La Carmen firmata da Jiři Bubeniček, un coreografo della Repubblica Ceca che iniziò la carriera come atleta in un circo equestre della sua famiglia, non è la riproposizione in balletto dell’opera di Georges Bizet su libretto di Meilhac e Halévy. Lo fu una trentina di anni fa la Carmen di Antonio Gades e Carlos Sauras che ha fatto il giro dei cinque continenti e da cui è stato tratto anche un film. Non segue neanche i passi de La tragédie de Carmen di Peter Brook creata a Les Bouffes du Nord di Parigi e che si è vista un quarto di secolo fa al Festival dei due mondi a Spoleto: utilizza parte della musica di Bizet, ma fonde il libretto con spunti dalla novella originale di Prosper Mérimée.
È una Carmen nuova di zecca che ha debuttato il 2 febbraio in un Teatro dell’Opera di Roma colmo in ogni ordine di posti, nonostante la serata piovosa e fredda, da un pubblico non solo curioso ma pronto a reagire a cosa avrebbe osato un coreografo che in gioventù lavorava in un circo. Al levar della bacchetta in buca – dirigeva Louis Lohraseb conosciuto in America ma poco noto in Italia – e del sipario sulla scena, i fucili erano metaforicamente puntanti. Silenzio quasi assoluto per due ore e un quarto (intervallo compreso). Al calar del sipario, un’esplosione non di applausi ma di ovazioni per dieci minuti. Jiři Bubeniček, e il curatore dell’arrangiamento musicale, Gabriele Bonolis avevano vinto la scommessa.
Cos’è questa Carmen? In primo luogo, segue abbastanza rigorosamente la novella di Mérimée; elimina, quindi, personaggi che sono fondamentali nell’opera di Bizet, come Escamillo e Micaela e ne introduce altri come il marito della protagonista Garcìa e un ricco viscido e lussurioso Generale britannico. In secondo luogo, parte dalla fine come nella novella: l’esecuzione di Don José per impiccagione e il suo ricordo, negli ultimi minuti di vita, della vicenda che lo ha trasformato da un giovane di campagna intenzionato a diventare prete, in un soldato e in pluriomicida.
La trasformazione di Don José è il punto centrale del romanzo di Mérimée. Carmen è una cavalla impazzita che nessuno, neanche il marito, tenta più di domare o addestrare. I suoi soli obiettivi sono il sesso – trova tanto gustoso il giovane soldatino – e il denaro – la soddisfano in proposito i superiori di José ed il Generale britannico. Mérimée in persona è a Siviglia e osserva, prendendo appunti, il dipanarsi dell’intreccio. L’accento è quasi più su José (Amar Ramasar) che su Carmen (Rebecca Bianchi). Da giovane timido conosce l’eros e i tradimenti, si associa a trafficanti e uccide a coltellate il marito di Carmen, il proprio tenente e la femme fatale che lo ha rovinato. L’azione è rapida, la coreografia acrobatica, le scene (Gianni Carluccio) e i costumi (Anna Biagiotti) funzionali ed efficaci.

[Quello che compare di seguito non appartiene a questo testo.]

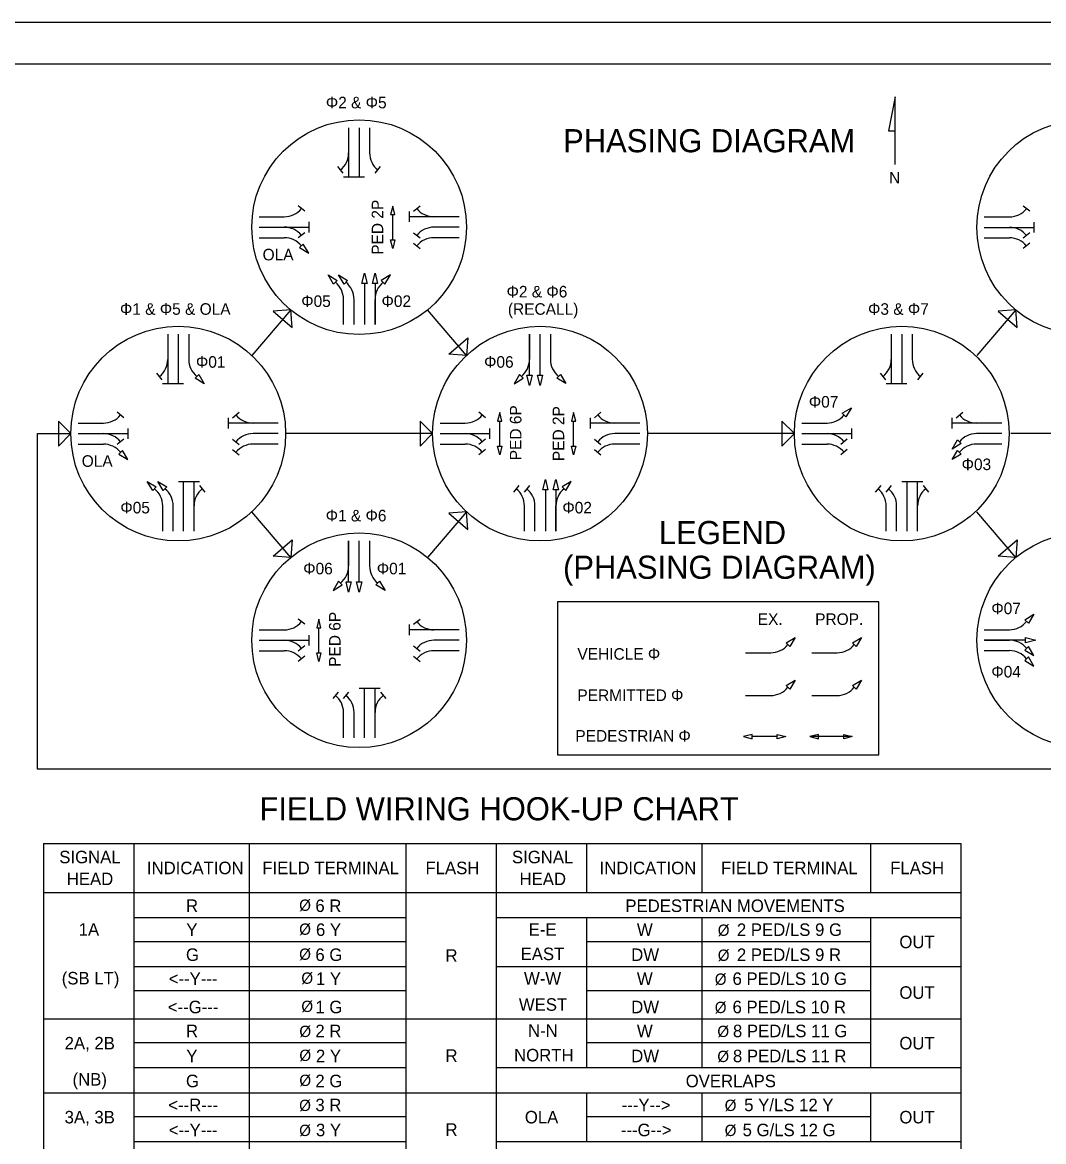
# Model space of a CAD drawing. Extents: x 0 to 34, y 0 to 22.
# Drawn here: x 14.75 to 27.11, y 8.45 to 22 of the extents above; entities that cross this region are included whole.
import ezdxf

# ---------------------------------------------------------------- set-up
doc = ezdxf.new("R2010")
doc.units = 0
for name, color, linetype in [('SG_P_Text', 7, 'Continuous'), ('SH_Border', 7, 'Continuous'), ('SH_Cut_Line', 7, 'Continuous'), ('SH_Text', 7, 'Continuous')]:
    doc.layers.add(name, color=color, linetype=linetype)

msp = doc.modelspace()

# ---------------------------------------------------------------- linework, layer by layer
at = {"layer": 'SG_P_Text'}
for p, q in [((18.699, 20.725), (18.699, 20.124)), ((18.699, 20.725), (18.699, 20.419)), ((18.826, 20.725), (18.826, 20.124)), ((18.952, 20.725), (18.952, 20.42)), ((18.632, 20.173), (18.568, 20.253)), ((19.019, 20.173), (19.083, 20.253)), ((18.762, 20.124), (18.635, 20.124)), ((18.889, 20.124), (18.762, 20.124)), ((18.167, 19.713), (18.087, 19.777)), ((19.233, 19.367), (19.233, 19.672)), ((19.436, 19.583), (19.436, 19.71)), ((19.484, 19.713), (19.564, 19.777)), ((26.947, 19.712), (26.868, 19.776)), ((17.615, 19.646), (17.92, 19.646)), ((17.615, 19.52), (18.215, 19.52)), ((17.615, 19.52), (17.92, 19.52)), ((18.215, 19.583), (18.215, 19.456)), ((20.036, 19.646), (19.436, 19.646)), ((20.036, 19.646), (19.731, 19.646)), ((20.036, 19.52), (19.731, 19.52)), ((26.395, 19.645), (26.701, 19.645)), ((26.395, 19.518), (26.996, 19.518)), ((26.395, 19.518), (26.701, 19.518)), ((26.996, 19.582), (26.996, 19.455)), ((17.615, 19.393), (17.92, 19.393)), ((18.167, 19.453), (18.087, 19.389)), ((19.484, 19.453), (19.564, 19.389)), ((20.036, 19.393), (19.731, 19.393)), ((26.395, 19.392), (26.701, 19.392)), ((26.947, 19.451), (26.868, 19.387)), ((19.484, 19.326), (19.564, 19.262)), ((26.947, 19.325), (26.868, 19.261)), ((18.891, 18.838), (18.891, 18.34)), ((19.018, 18.838), (19.018, 18.34)), ((18.637, 18.34), (18.637, 18.646)), ((18.764, 18.34), (18.764, 18.646)), ((19.018, 18.34), (19.018, 18.646)), ((17.997, 18.518), (17.526, 17.966)), ((20.125, 17.967), (19.654, 18.519)), ((26.777, 18.518), (26.307, 17.967)), ((16.509, 18.225), (16.509, 17.624)), ((16.509, 18.225), (16.509, 17.919)), ((16.635, 18.225), (16.635, 17.624)), ((16.762, 18.225), (16.762, 17.919)), ((20.889, 17.727), (20.889, 18.225)), ((20.889, 18.225), (20.889, 17.919)), ((21.016, 17.727), (21.016, 18.225)), ((21.142, 18.225), (21.142, 17.92)), ((25.269, 18.225), (25.269, 17.624)), ((25.269, 18.225), (25.269, 17.919)), ((25.396, 18.225), (25.396, 17.624)), ((25.523, 18.225), (25.523, 17.92)), ((16.442, 17.673), (16.378, 17.753)), ((16.572, 17.624), (16.445, 17.624)), ((16.699, 17.624), (16.572, 17.624)), ((25.202, 17.673), (25.138, 17.753)), ((25.332, 17.624), (25.206, 17.624)), ((25.459, 17.624), (25.332, 17.624)), ((25.59, 17.673), (25.654, 17.753)), ((15.977, 17.213), (15.897, 17.278)), ((17.294, 17.213), (17.374, 17.278)), ((20.357, 17.213), (20.277, 17.278)), ((21.674, 17.213), (21.754, 17.278)), ((26.055, 17.213), (26.134, 17.278)), ((15.425, 17.147), (15.73, 17.147)), ((16.025, 17.083), (16.025, 16.956)), ((17.245, 17.083), (17.245, 17.21)), ((17.846, 17.147), (17.245, 17.147)), ((17.846, 17.147), (17.541, 17.147)), ((19.805, 17.147), (20.111, 17.147)), ((20.406, 17.083), (20.406, 16.956)), ((20.528, 16.867), (20.528, 17.172)), ((21.423, 16.867), (21.423, 17.172)), ((21.626, 17.083), (21.626, 17.21)), ((22.226, 17.147), (21.626, 17.147)), ((22.226, 17.147), (21.921, 17.147)), ((24.185, 17.147), (24.491, 17.147)), ((24.786, 17.083), (24.786, 16.956)), ((26.006, 17.083), (26.006, 17.21)), ((26.606, 17.147), (26.006, 17.147)), ((26.606, 17.147), (26.301, 17.147)), ((15.425, 17.02), (16.025, 17.02)), ((15.425, 17.02), (15.73, 17.02)), ((15.977, 16.953), (15.897, 16.889)), ((17.294, 16.953), (17.374, 16.889)), ((17.846, 17.02), (17.541, 17.02)), ((19.716, 17.02), (17.935, 17.02)), ((19.805, 17.02), (20.406, 17.02)), ((19.805, 17.02), (20.111, 17.02)), ((20.357, 16.953), (20.277, 16.889)), ((21.674, 16.953), (21.754, 16.889)), ((22.226, 17.02), (21.921, 17.02)), ((24.096, 17.02), (22.315, 17.02)), ((24.185, 17.02), (24.786, 17.02)), ((24.185, 17.02), (24.491, 17.02)), ((24.737, 16.953), (24.657, 16.889)), ((26.606, 17.02), (26.301, 17.02)), ((28.496, 17.02), (26.716, 17.02)), ((15.425, 16.893), (15.73, 16.893)), ((17.294, 16.826), (17.374, 16.762)), ((17.846, 16.893), (17.541, 16.893)), ((19.805, 16.893), (20.111, 16.893)), ((20.357, 16.826), (20.277, 16.762)), ((21.674, 16.826), (21.754, 16.762)), ((22.226, 16.893), (21.921, 16.893)), ((24.185, 16.893), (24.491, 16.893)), ((24.737, 16.826), (24.657, 16.762)), ((26.606, 16.893), (26.301, 16.893)), ((16.637, 16.441), (16.764, 16.441)), ((16.701, 15.84), (16.701, 16.441)), ((16.764, 16.441), (16.891, 16.441)), ((16.827, 15.84), (16.827, 16.441)), ((25.398, 16.441), (25.525, 16.441)), ((25.461, 15.84), (25.461, 16.441)), ((25.525, 16.441), (25.651, 16.441)), ((25.588, 15.84), (25.588, 16.441)), ((16.894, 16.392), (16.958, 16.313)), ((20.76, 16.392), (20.696, 16.313)), ((20.887, 16.392), (20.823, 16.313)), ((21.081, 16.338), (21.081, 15.84)), ((21.208, 16.338), (21.208, 15.84)), ((25.141, 16.392), (25.076, 16.313)), ((25.267, 16.392), (25.203, 16.313)), ((25.655, 16.392), (25.719, 16.313)), ((16.447, 15.84), (16.447, 16.146)), ((16.574, 15.84), (16.574, 16.146)), ((16.827, 15.84), (16.827, 16.146)), ((20.827, 15.84), (20.827, 16.146)), ((20.954, 15.84), (20.954, 16.146)), ((21.208, 15.84), (21.208, 16.146)), ((25.207, 15.84), (25.207, 16.146)), ((25.334, 15.84), (25.334, 16.146)), ((25.588, 15.84), (25.588, 16.146)), ((17.998, 15.52), (17.526, 16.073)), ((20.125, 16.073), (19.653, 15.52)), ((26.778, 15.521), (26.307, 16.072)), ((18.699, 15.225), (18.699, 15.723)), ((18.699, 15.723), (18.699, 15.417)), ((18.826, 15.225), (18.826, 15.723)), ((18.952, 15.723), (18.952, 15.417)), ((18.167, 14.711), (18.087, 14.775)), ((19.484, 14.711), (19.564, 14.775)), ((17.615, 14.644), (17.92, 14.644)), ((18.338, 14.365), (18.338, 14.67)), ((19.436, 14.581), (19.436, 14.708)), ((20.036, 14.644), (19.436, 14.644)), ((20.036, 14.644), (19.731, 14.644)), ((26.395, 14.646), (26.701, 14.646)), ((17.615, 14.518), (18.215, 14.518)), ((17.615, 14.518), (17.92, 14.518)), ((18.215, 14.581), (18.215, 14.454)), ((20.036, 14.518), (19.731, 14.518)), ((26.893, 14.519), (26.395, 14.519)), ((26.396, 14.519), (26.701, 14.519)), ((17.615, 14.391), (17.92, 14.391)), ((18.167, 14.451), (18.087, 14.387)), ((19.484, 14.451), (19.564, 14.387)), ((20.036, 14.391), (19.731, 14.391)), ((26.395, 14.392), (26.701, 14.392)), ((18.167, 14.324), (18.087, 14.26)), ((19.484, 14.324), (19.564, 14.26)), ((23.505, 14.366), (23.81, 14.366)), ((24.308, 14.366), (24.614, 14.366)), ((18.57, 13.89), (18.506, 13.811)), ((18.697, 13.89), (18.633, 13.811)), ((18.827, 13.939), (18.954, 13.939)), ((18.891, 13.338), (18.891, 13.939)), ((18.954, 13.939), (19.081, 13.939)), ((19.018, 13.338), (19.018, 13.939)), ((19.085, 13.89), (19.149, 13.811)), ((23.505, 13.849), (23.81, 13.849)), ((24.308, 13.849), (24.614, 13.849)), ((18.637, 13.338), (18.637, 13.644)), ((18.764, 13.338), (18.764, 13.644)), ((19.018, 13.338), (19.018, 13.644)), ((23.889, 13.351), (23.584, 13.351)), ((24.797, 13.351), (24.284, 13.351))]:
    msp.add_line(p, q, dxfattribs=at)
for points in [[(19.259, 19.672), (19.233, 19.776), (19.207, 19.672)], [(18.105, 19.272), (18.215, 19.206), (18.149, 19.316)], [(19.259, 19.367), (19.233, 19.263), (19.207, 19.367)], [(18.516, 18.83), (18.45, 18.941), (18.56, 18.874)], [(18.643, 18.83), (18.577, 18.941), (18.687, 18.874)], [(18.859, 18.838), (18.891, 18.963), (18.922, 18.838)], [(18.986, 18.838), (19.018, 18.963), (19.049, 18.838)], [(19.139, 18.83), (19.205, 18.941), (19.094, 18.874)], [(17.997, 18.518), (17.783, 18.502), (18.014, 18.305)], [(26.777, 18.518), (26.563, 18.501), (26.793, 18.304)], [(20.125, 17.967), (19.912, 17.983), (20.142, 18.18)], [(16.883, 17.735), (16.949, 17.624), (16.839, 17.691)], [(20.768, 17.735), (20.702, 17.624), (20.812, 17.691)], [(20.92, 17.727), (20.889, 17.602), (20.858, 17.727)], [(21.047, 17.727), (21.016, 17.602), (20.984, 17.727)], [(21.263, 17.735), (21.33, 17.625), (21.219, 17.691)], [(20.554, 17.172), (20.528, 17.276), (20.502, 17.172)], [(21.449, 17.172), (21.423, 17.276), (21.397, 17.172)], [(24.675, 17.268), (24.786, 17.334), (24.719, 17.223)], [(15.336, 17.02), (15.184, 17.171), (15.184, 16.868)], [(19.716, 17.02), (19.565, 17.171), (19.564, 16.868)], [(24.096, 17.02), (23.945, 17.171), (23.945, 16.868)], [(26.117, 16.899), (26.006, 16.833), (26.072, 16.943)], [(15.915, 16.772), (16.025, 16.706), (15.959, 16.816)], [(20.554, 16.867), (20.528, 16.763), (20.502, 16.867)], [(21.449, 16.867), (21.423, 16.763), (21.397, 16.867)], [(26.117, 16.772), (26.006, 16.706), (26.072, 16.816)], [(16.326, 16.33), (16.26, 16.441), (16.37, 16.375)], [(16.453, 16.33), (16.387, 16.441), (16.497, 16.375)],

L’aspetto più innovativo è la partitura. Viene utilizzata in buona misura quella di Georges Bizet, ma ri-arrangiata e fusa con brani di Manuel de Falla, Isaac Albéniz, Mario Castelnuovo-Tedesco e Gariele Bonolis. Bonolis ha curato le fusion dei vari brani e ha orchestrato di nuovo il tutto, dando un senso di unità e di coesione. Si ascoltano, ad esempio, l’introduzione di El Amor Brujo e lo “Ataceder” di El Sombrero de Tri Picos di De Falla e la magnifica Siciliana per flauto e chitarra di Castelnuovo-Tedesco senza il flusso orchestrale abbia soluzioni di continuità. L’abilità del maestro concertatore e dell’orchestra hanno indubbiamente merito nel successo dell’operazione che è in gran misura un mirabile pastiche come quelli confezionati da Händel (e altri) in epoca barocca. La musica è densa di tensione e avvince gli ascoltatori
Ottimo il cast e il corpo di ballo. Eleonora Abbagnato sta portando una vera rivoluzione al Teatro dell’Opera.